More than three-quarters (77 percent) of international students say domestic students are welcoming, but many struggle with feelings of being discriminated against and have difficulty making American friends, according to a survey of almost 2,000 current international students and recent graduates of U.S. universities from World Education Services, a nonprofit organization that provides credential evaluation services and produces research on the international student experience.

Nearly a third (31 percent) of the students surveyed said they have been discriminated against at their institution based on their nationality. Thirty percent said the cultural barriers they face in the U.S. are more challenging than they had anticipated, and 41 percent said they find it hard to form close friendships with domestic students. By contrast, 86 percent of international students said it is easy to form close friendships with students from their home country, and 80 percent of students said the same of other international students from a different country.

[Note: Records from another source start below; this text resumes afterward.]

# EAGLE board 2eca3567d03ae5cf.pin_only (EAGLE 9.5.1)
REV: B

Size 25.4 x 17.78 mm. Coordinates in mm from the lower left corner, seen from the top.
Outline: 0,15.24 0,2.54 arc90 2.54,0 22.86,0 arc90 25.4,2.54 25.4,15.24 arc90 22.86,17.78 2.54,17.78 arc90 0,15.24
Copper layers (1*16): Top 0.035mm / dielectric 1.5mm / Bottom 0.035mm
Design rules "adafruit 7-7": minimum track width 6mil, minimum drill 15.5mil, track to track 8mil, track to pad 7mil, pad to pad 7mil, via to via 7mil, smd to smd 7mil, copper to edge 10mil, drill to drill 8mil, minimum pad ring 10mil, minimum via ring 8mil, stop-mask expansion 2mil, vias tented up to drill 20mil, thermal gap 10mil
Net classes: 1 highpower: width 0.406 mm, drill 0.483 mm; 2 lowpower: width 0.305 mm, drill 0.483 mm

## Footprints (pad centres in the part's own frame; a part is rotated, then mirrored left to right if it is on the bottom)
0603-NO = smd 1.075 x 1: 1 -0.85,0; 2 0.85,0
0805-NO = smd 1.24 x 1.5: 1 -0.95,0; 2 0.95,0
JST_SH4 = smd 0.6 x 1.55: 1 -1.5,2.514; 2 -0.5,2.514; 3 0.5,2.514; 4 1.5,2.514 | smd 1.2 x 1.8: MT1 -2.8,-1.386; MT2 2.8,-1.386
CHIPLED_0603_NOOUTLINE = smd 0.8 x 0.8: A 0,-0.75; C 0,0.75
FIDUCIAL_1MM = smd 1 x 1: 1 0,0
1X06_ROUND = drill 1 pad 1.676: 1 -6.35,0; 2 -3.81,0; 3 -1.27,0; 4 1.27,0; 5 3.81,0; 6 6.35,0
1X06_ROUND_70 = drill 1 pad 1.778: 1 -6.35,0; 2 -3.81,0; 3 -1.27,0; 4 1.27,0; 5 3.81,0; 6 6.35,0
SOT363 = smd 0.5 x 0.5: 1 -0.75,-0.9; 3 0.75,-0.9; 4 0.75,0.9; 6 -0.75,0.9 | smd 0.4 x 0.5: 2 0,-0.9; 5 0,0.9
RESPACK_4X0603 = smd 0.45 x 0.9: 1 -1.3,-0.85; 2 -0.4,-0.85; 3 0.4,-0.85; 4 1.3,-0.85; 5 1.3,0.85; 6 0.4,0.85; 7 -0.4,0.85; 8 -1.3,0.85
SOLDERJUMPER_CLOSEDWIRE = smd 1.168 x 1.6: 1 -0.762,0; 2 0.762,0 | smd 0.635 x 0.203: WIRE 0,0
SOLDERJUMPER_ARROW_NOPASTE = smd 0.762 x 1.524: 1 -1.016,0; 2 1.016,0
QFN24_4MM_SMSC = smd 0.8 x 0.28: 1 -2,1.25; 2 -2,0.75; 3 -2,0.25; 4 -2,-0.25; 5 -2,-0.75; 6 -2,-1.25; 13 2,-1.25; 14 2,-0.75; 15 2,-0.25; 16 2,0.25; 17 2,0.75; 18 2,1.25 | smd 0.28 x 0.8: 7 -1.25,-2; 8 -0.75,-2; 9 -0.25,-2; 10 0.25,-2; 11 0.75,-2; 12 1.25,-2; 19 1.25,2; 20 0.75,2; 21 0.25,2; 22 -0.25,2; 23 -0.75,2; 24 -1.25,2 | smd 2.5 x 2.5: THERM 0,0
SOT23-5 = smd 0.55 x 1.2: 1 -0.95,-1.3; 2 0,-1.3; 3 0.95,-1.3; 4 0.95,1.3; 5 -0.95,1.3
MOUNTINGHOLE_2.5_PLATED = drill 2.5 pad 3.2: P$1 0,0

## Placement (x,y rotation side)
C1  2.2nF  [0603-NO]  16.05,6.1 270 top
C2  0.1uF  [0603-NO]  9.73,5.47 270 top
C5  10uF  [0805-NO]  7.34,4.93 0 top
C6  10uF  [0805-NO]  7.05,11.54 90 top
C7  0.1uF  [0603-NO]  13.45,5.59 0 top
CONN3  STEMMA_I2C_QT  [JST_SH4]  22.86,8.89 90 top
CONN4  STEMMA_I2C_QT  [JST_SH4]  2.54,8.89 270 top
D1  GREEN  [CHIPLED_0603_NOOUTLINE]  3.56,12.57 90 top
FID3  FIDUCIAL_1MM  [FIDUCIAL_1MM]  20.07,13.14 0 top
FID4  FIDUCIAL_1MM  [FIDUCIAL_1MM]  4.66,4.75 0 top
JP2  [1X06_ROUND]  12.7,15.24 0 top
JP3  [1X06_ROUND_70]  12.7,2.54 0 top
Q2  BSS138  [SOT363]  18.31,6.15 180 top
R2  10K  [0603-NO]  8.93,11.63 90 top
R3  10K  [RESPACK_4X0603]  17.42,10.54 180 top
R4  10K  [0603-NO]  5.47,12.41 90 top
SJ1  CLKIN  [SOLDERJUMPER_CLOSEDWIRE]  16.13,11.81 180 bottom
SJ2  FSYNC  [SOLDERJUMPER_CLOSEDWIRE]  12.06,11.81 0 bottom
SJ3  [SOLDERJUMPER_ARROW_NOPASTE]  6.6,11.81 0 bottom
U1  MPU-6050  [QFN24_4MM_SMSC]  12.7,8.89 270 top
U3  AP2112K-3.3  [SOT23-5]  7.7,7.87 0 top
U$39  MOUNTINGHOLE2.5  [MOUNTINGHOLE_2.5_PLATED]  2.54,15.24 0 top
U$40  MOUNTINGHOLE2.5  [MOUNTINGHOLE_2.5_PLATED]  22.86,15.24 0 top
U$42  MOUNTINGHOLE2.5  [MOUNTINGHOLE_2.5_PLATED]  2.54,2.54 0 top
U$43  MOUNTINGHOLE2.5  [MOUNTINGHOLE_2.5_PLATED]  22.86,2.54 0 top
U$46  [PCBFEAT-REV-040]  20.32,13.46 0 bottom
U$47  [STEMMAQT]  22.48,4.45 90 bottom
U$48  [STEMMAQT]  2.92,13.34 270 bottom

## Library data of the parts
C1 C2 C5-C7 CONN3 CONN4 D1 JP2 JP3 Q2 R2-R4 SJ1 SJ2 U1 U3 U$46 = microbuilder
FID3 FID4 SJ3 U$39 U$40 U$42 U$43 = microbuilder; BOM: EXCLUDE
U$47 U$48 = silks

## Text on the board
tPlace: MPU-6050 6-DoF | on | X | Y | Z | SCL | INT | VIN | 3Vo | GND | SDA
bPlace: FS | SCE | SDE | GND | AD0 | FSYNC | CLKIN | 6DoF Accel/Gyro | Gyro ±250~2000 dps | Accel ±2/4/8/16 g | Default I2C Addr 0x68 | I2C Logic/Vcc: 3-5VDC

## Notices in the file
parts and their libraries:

Sixty percent of international students said they are not actively involved at activities and events at their college, and 29 percent said they do not have a strong social network on their campus.

By and large international students report being happy with their academic experience: 89 percent said they are happy with the quality of teaching and with the quality of their academic program, and 83 percent said they found it easy to adjust to academic expectations in the U.S. Nearly three-quarters -- 71 percent -- said they attend professors’ office hours. But some are facing academic stress: 59 percent said they spend more time outside class on academics than they anticipated, and 34 percent said the stress of schoolwork negatively affects their mental health.

As far as daily life and student support goes, 30 percent of students said finding housing was harder than they expected, and 51 percent said transportation is challenging. More than three-quarters (77 percent) of students said they are satisfied with the advising their institutions offer on immigration issues, but slightly more than a quarter (26 percent) said they’re dissatisfied with information provided by their institution on how to set up a U.S. bank account. Slightly less than a quarter (24 percent) said they are not able to find food that meets their needs on campus.

The WES report includes a number of recommendations for how colleges can better support international students.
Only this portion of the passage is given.